*ASSIGNMENT*: Your answer must be the lines from the first record through the line that contains "Copper layers (1*16): Top", copied exactly and without any pictures.

*Data extracted from a collection*:

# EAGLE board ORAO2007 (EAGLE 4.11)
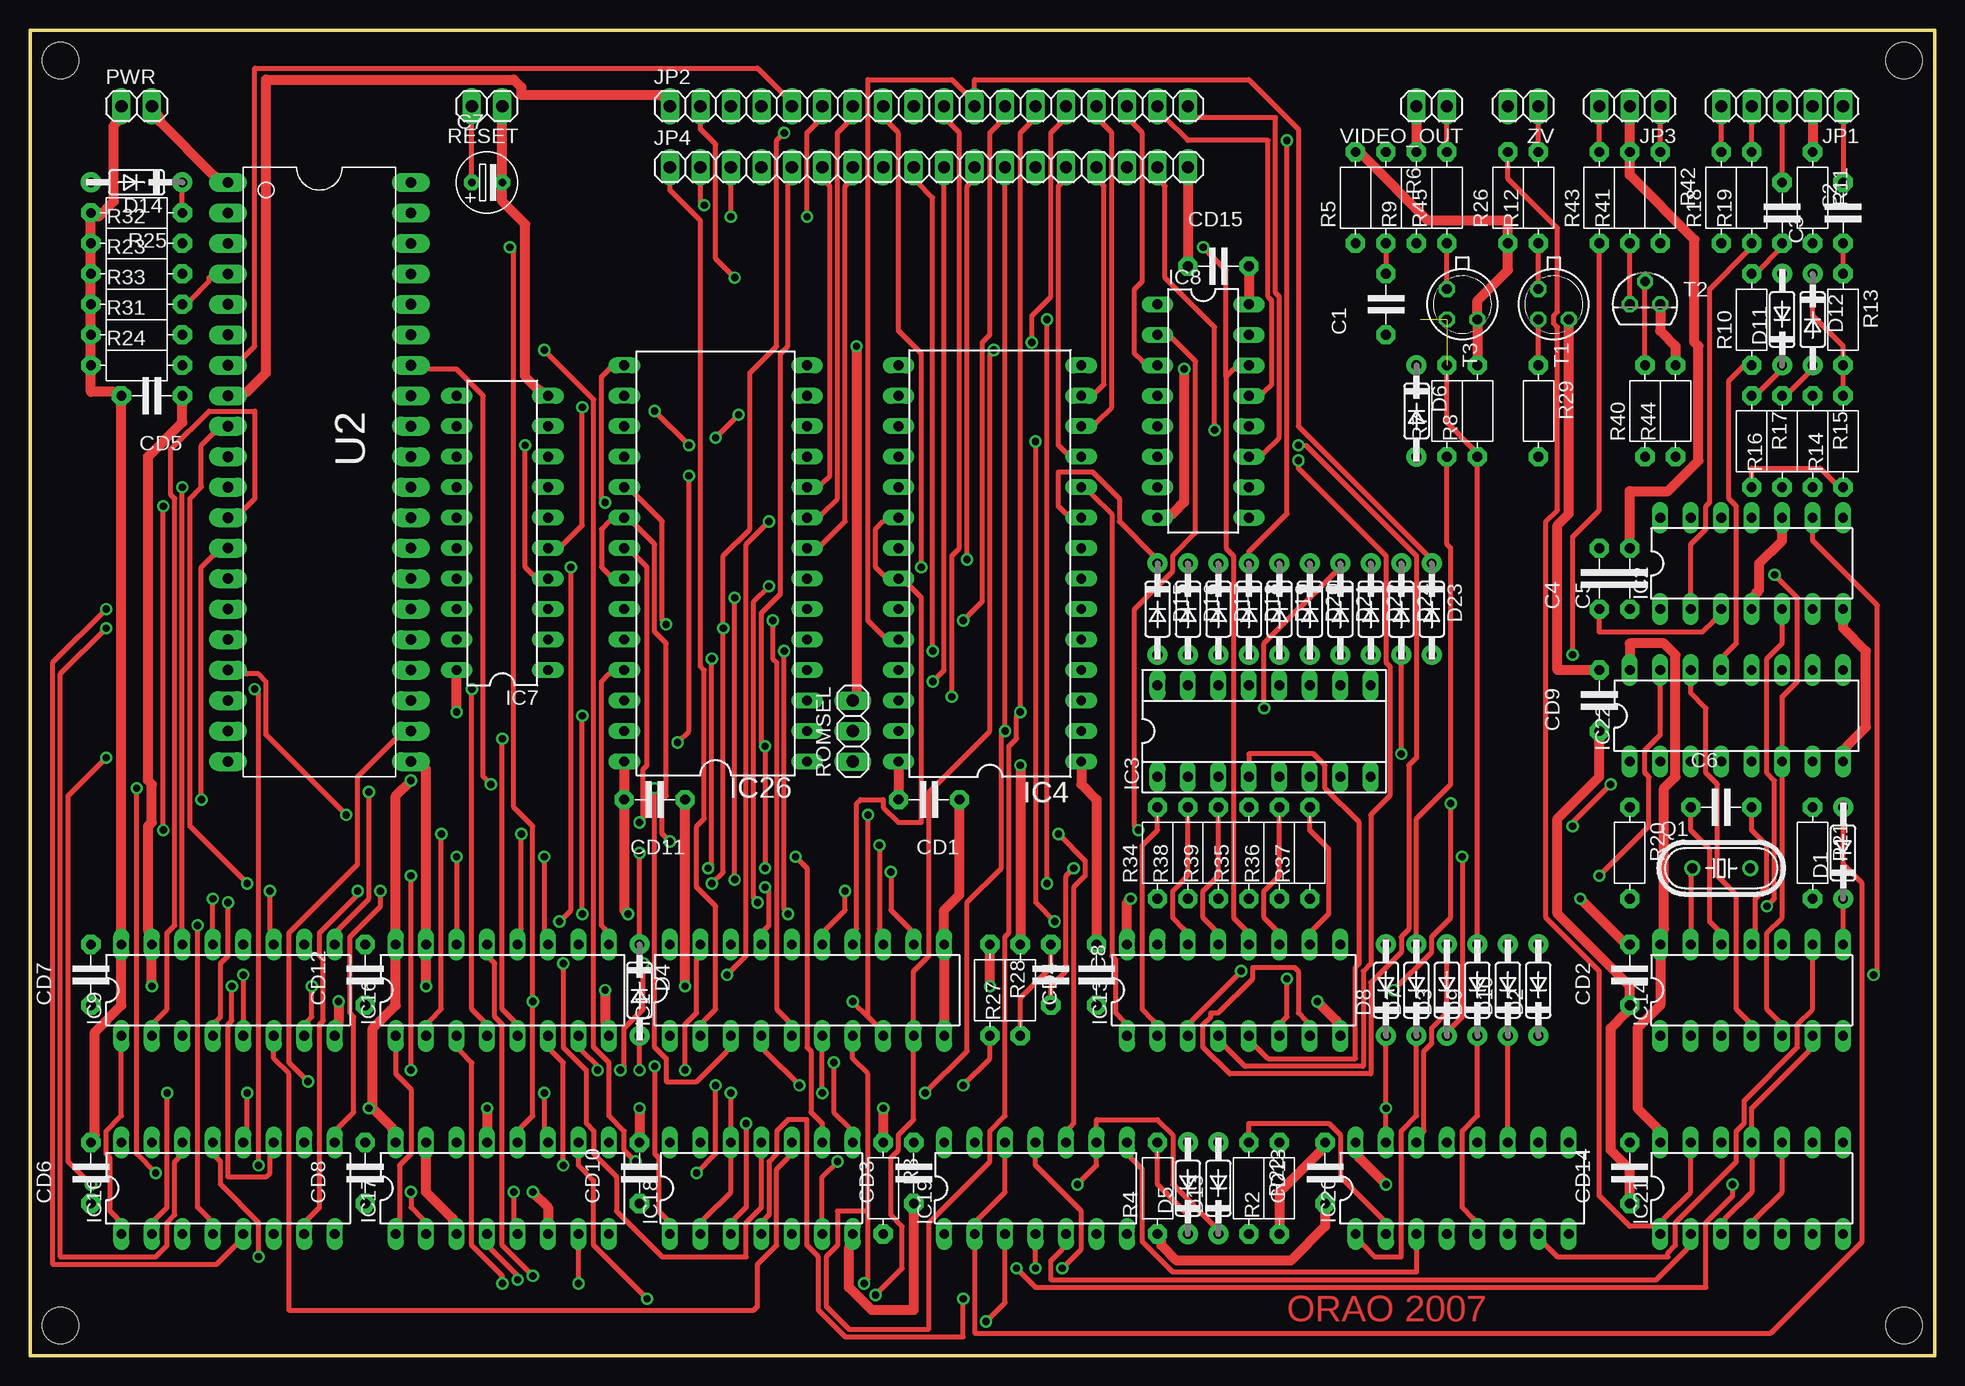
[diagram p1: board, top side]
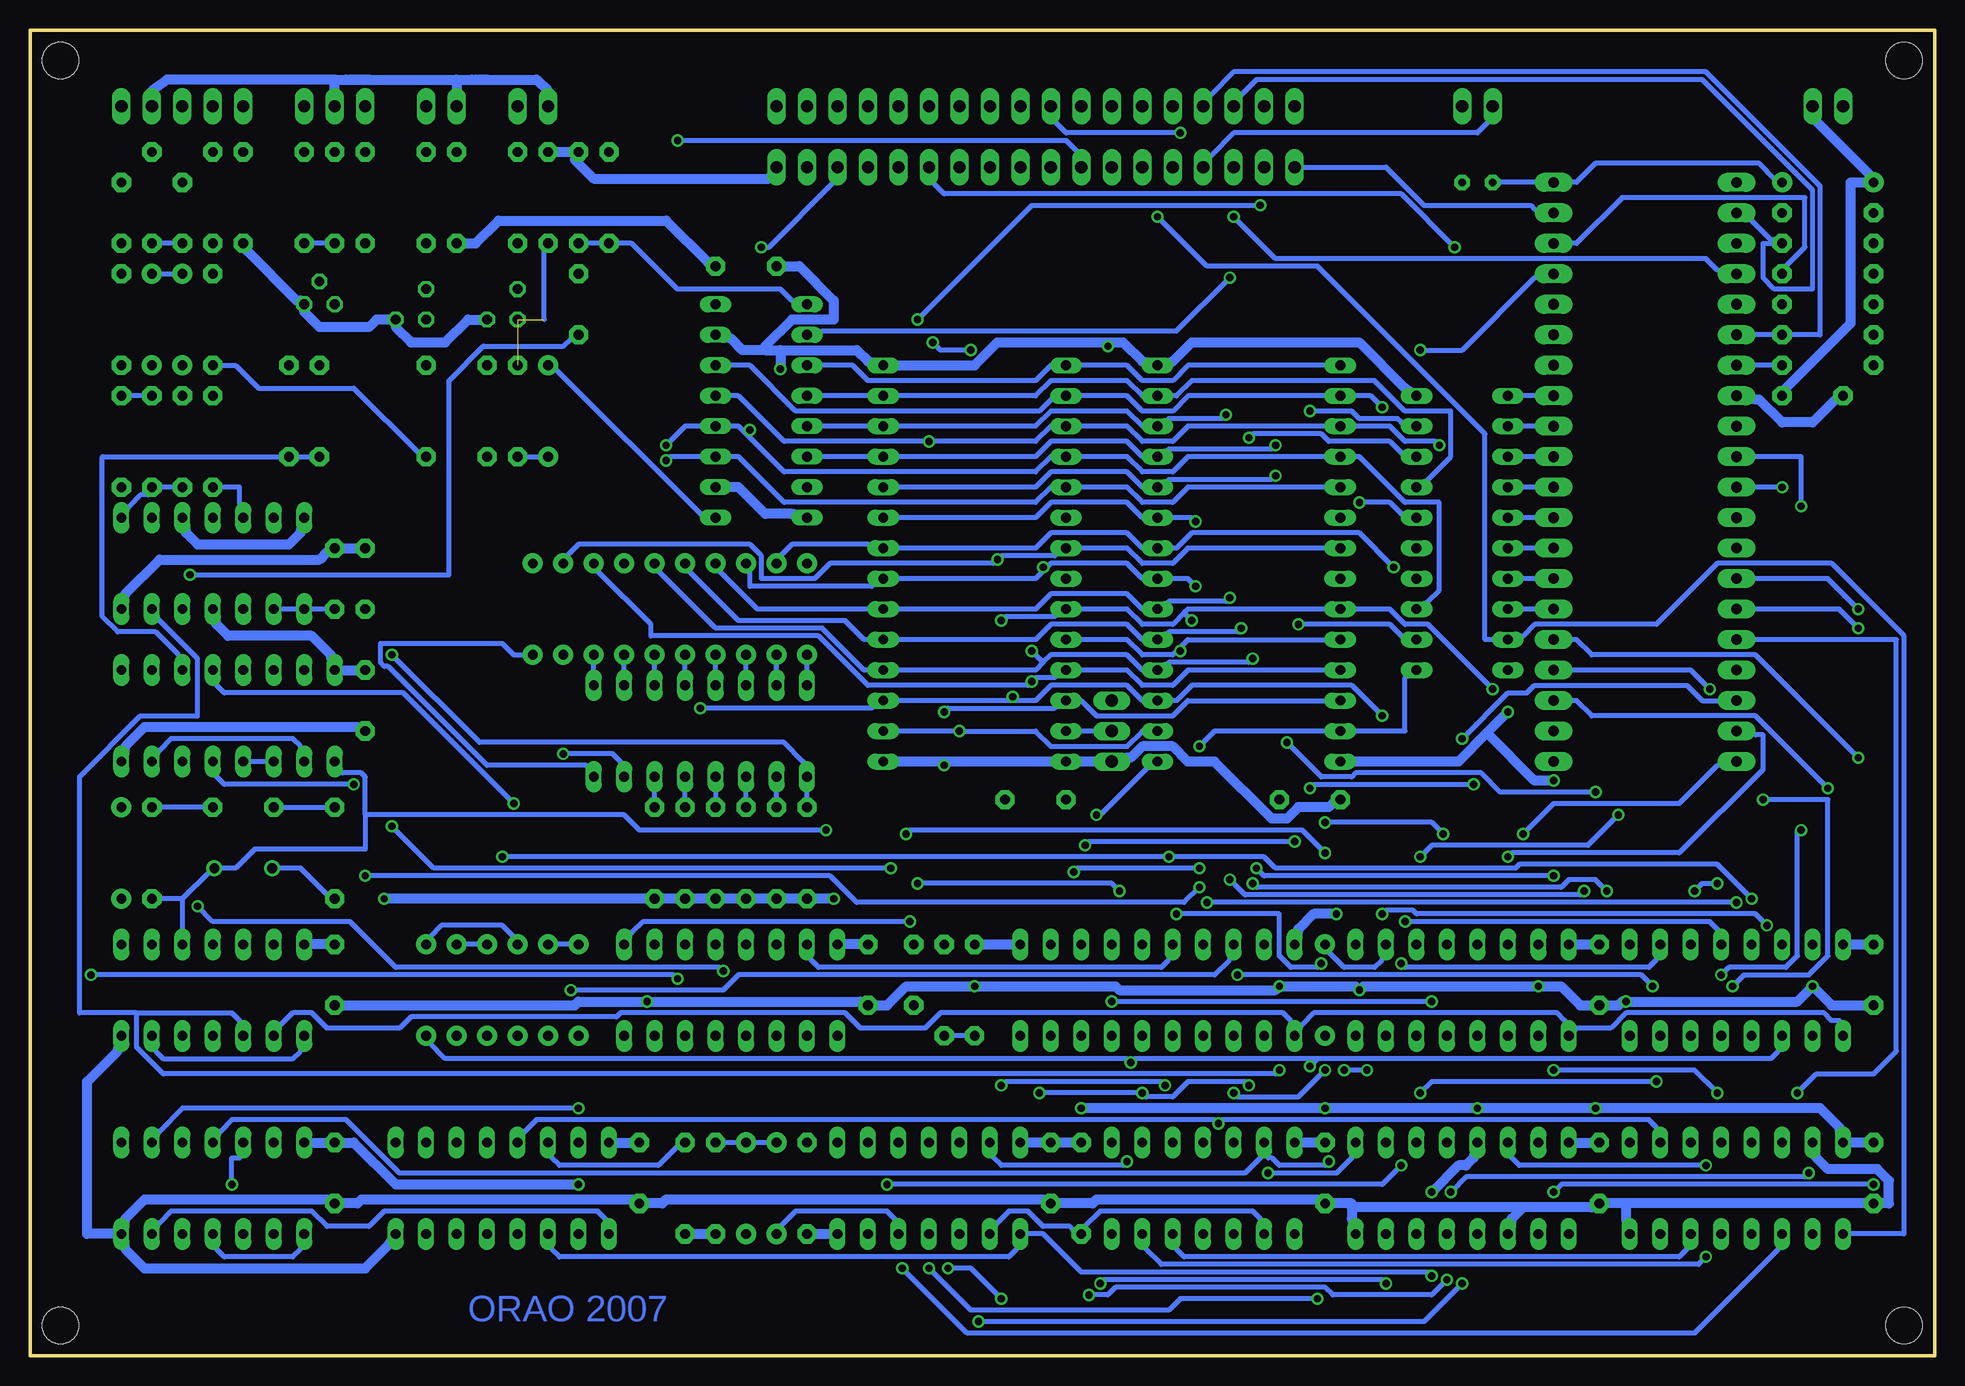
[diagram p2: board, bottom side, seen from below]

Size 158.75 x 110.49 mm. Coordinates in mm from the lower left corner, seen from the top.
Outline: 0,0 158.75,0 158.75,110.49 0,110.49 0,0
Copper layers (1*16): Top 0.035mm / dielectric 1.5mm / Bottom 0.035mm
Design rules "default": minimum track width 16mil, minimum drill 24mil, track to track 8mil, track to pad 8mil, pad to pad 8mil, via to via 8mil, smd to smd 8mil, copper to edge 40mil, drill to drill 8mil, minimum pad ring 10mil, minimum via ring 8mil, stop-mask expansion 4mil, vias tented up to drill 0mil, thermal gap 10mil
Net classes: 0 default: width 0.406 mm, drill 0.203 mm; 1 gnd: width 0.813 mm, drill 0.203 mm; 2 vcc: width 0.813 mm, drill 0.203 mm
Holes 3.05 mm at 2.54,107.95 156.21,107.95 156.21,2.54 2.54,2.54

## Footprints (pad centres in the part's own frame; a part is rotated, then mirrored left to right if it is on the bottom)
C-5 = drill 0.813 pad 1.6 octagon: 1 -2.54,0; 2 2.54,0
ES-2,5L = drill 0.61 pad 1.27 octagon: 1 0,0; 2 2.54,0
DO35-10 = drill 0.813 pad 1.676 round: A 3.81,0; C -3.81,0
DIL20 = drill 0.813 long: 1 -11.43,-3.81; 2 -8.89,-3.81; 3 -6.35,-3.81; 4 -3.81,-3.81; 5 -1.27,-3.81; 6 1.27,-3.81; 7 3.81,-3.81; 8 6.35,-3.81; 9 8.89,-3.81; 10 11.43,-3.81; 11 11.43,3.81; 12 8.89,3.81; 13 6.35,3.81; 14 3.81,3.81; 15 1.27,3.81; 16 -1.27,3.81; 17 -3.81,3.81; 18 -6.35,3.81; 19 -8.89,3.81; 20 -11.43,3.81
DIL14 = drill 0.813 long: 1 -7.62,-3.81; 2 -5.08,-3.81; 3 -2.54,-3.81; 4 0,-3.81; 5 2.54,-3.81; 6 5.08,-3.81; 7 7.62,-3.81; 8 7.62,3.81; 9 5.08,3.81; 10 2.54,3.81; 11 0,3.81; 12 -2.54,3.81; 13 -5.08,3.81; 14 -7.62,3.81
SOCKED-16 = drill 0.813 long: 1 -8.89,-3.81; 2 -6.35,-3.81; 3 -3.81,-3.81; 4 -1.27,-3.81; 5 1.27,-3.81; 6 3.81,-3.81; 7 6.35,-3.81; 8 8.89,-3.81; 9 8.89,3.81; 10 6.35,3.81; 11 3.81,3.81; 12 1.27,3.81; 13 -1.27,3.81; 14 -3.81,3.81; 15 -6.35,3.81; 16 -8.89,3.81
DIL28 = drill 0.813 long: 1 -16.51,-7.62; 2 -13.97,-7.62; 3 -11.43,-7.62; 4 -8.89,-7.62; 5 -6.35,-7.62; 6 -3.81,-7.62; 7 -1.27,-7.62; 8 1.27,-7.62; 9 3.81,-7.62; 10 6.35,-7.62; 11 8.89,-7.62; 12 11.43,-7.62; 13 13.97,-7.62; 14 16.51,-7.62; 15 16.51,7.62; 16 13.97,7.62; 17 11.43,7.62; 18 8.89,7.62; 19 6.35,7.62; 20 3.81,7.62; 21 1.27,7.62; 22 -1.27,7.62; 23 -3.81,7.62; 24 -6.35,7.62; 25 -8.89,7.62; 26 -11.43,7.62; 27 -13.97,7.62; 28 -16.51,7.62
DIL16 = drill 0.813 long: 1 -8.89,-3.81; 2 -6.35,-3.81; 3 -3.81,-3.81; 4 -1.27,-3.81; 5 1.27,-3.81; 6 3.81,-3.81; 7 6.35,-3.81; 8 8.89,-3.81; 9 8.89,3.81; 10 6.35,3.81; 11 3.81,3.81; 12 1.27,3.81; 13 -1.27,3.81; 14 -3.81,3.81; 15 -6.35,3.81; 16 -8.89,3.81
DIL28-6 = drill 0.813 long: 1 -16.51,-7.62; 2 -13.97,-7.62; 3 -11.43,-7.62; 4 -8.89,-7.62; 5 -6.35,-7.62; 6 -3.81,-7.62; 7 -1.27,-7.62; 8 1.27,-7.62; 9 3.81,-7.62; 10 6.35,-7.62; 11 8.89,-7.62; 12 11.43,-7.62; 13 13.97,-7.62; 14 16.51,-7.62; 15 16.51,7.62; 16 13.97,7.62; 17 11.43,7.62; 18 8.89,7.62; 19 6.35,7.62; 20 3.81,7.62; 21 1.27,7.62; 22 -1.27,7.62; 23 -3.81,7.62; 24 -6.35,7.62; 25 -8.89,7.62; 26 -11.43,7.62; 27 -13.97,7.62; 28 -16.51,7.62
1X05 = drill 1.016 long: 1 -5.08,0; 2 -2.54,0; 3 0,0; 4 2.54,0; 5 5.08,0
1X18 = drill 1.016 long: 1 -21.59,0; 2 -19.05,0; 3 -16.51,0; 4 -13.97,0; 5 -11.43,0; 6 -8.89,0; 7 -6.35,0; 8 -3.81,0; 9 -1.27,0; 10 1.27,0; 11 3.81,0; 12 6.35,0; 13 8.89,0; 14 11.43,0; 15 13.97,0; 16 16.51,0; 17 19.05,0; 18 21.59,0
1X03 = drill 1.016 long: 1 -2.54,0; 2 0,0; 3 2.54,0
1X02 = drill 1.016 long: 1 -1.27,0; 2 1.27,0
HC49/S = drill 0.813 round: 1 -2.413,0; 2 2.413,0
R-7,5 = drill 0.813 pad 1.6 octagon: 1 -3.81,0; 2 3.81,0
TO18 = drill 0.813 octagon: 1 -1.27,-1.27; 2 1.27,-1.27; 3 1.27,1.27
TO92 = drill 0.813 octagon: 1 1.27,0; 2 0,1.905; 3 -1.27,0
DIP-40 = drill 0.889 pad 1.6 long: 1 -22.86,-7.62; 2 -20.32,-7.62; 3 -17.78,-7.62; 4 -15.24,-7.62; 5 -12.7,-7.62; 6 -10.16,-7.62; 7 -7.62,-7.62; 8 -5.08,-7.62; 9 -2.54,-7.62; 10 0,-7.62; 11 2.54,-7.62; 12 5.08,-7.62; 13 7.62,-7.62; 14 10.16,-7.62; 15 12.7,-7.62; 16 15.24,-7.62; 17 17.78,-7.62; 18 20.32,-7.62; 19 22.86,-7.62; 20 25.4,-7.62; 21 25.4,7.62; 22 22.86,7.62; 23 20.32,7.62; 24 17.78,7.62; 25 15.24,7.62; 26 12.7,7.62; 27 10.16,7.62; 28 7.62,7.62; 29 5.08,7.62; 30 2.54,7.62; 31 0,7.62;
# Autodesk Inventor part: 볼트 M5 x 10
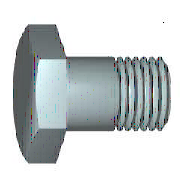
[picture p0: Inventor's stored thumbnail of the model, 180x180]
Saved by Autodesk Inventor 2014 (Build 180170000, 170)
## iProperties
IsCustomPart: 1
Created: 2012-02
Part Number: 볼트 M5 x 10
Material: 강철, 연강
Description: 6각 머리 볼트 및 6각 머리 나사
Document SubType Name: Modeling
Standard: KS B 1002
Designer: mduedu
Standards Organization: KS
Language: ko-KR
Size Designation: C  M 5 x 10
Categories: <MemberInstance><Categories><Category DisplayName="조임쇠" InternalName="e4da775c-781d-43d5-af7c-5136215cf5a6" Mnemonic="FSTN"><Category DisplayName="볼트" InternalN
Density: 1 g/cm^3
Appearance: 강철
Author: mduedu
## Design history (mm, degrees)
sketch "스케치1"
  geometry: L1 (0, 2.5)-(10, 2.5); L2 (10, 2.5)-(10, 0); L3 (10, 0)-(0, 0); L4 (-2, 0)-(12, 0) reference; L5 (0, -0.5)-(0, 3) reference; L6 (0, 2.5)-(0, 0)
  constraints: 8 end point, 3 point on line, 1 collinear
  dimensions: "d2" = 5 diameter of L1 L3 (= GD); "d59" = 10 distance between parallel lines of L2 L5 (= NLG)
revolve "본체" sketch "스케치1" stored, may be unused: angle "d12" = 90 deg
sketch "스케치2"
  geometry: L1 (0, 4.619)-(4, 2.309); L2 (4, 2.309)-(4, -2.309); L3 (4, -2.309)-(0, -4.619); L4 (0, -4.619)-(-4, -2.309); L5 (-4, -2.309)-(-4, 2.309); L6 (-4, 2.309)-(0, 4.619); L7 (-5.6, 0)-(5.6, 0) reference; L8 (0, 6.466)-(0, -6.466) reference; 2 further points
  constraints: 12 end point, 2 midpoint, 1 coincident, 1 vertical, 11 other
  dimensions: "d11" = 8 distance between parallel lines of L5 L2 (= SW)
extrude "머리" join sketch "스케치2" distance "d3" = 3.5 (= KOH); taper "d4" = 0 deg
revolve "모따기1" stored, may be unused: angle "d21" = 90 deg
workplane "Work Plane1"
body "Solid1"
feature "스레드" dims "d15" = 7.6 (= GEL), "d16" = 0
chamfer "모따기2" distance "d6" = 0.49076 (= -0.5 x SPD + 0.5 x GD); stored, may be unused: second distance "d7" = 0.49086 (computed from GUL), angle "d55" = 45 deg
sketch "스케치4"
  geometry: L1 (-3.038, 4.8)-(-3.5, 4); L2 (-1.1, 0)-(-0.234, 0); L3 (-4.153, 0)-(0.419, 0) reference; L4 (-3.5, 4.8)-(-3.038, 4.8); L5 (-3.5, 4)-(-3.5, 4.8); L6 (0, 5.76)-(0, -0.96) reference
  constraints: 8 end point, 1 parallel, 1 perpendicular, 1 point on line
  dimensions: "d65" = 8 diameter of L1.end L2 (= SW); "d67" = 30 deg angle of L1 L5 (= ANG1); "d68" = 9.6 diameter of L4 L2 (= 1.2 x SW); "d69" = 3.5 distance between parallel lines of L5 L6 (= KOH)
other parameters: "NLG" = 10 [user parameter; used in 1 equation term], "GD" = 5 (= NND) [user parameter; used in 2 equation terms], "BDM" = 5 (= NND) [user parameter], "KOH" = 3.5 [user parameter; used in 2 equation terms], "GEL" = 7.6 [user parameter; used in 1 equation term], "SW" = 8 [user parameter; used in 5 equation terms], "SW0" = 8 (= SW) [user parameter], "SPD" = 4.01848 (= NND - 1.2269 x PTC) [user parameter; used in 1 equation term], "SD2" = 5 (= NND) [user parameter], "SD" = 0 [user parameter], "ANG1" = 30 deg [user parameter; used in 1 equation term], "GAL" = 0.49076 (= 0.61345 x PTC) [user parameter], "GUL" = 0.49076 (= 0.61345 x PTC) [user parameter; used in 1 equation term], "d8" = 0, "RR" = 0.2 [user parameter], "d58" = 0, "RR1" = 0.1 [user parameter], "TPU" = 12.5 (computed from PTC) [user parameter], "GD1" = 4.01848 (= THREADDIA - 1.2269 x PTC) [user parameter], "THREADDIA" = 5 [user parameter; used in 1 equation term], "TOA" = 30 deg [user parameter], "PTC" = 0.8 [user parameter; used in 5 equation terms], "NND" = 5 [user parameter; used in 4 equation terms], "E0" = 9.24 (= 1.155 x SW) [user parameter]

*TASK ANSWER*:
# EAGLE board ORAO2007 (EAGLE 4.11)
[diagram p1: board, top side]
[diagram p2: board, bottom side, seen from below]

Size 158.75 x 110.49 mm. Coordinates in mm from the lower left corner, seen from the top.
Outline: 0,0 158.75,0 158.75,110.49 0,110.49 0,0
Copper layers (1*16): Top 0.035mm / dielectric 1.5mm / Bottom 0.035mm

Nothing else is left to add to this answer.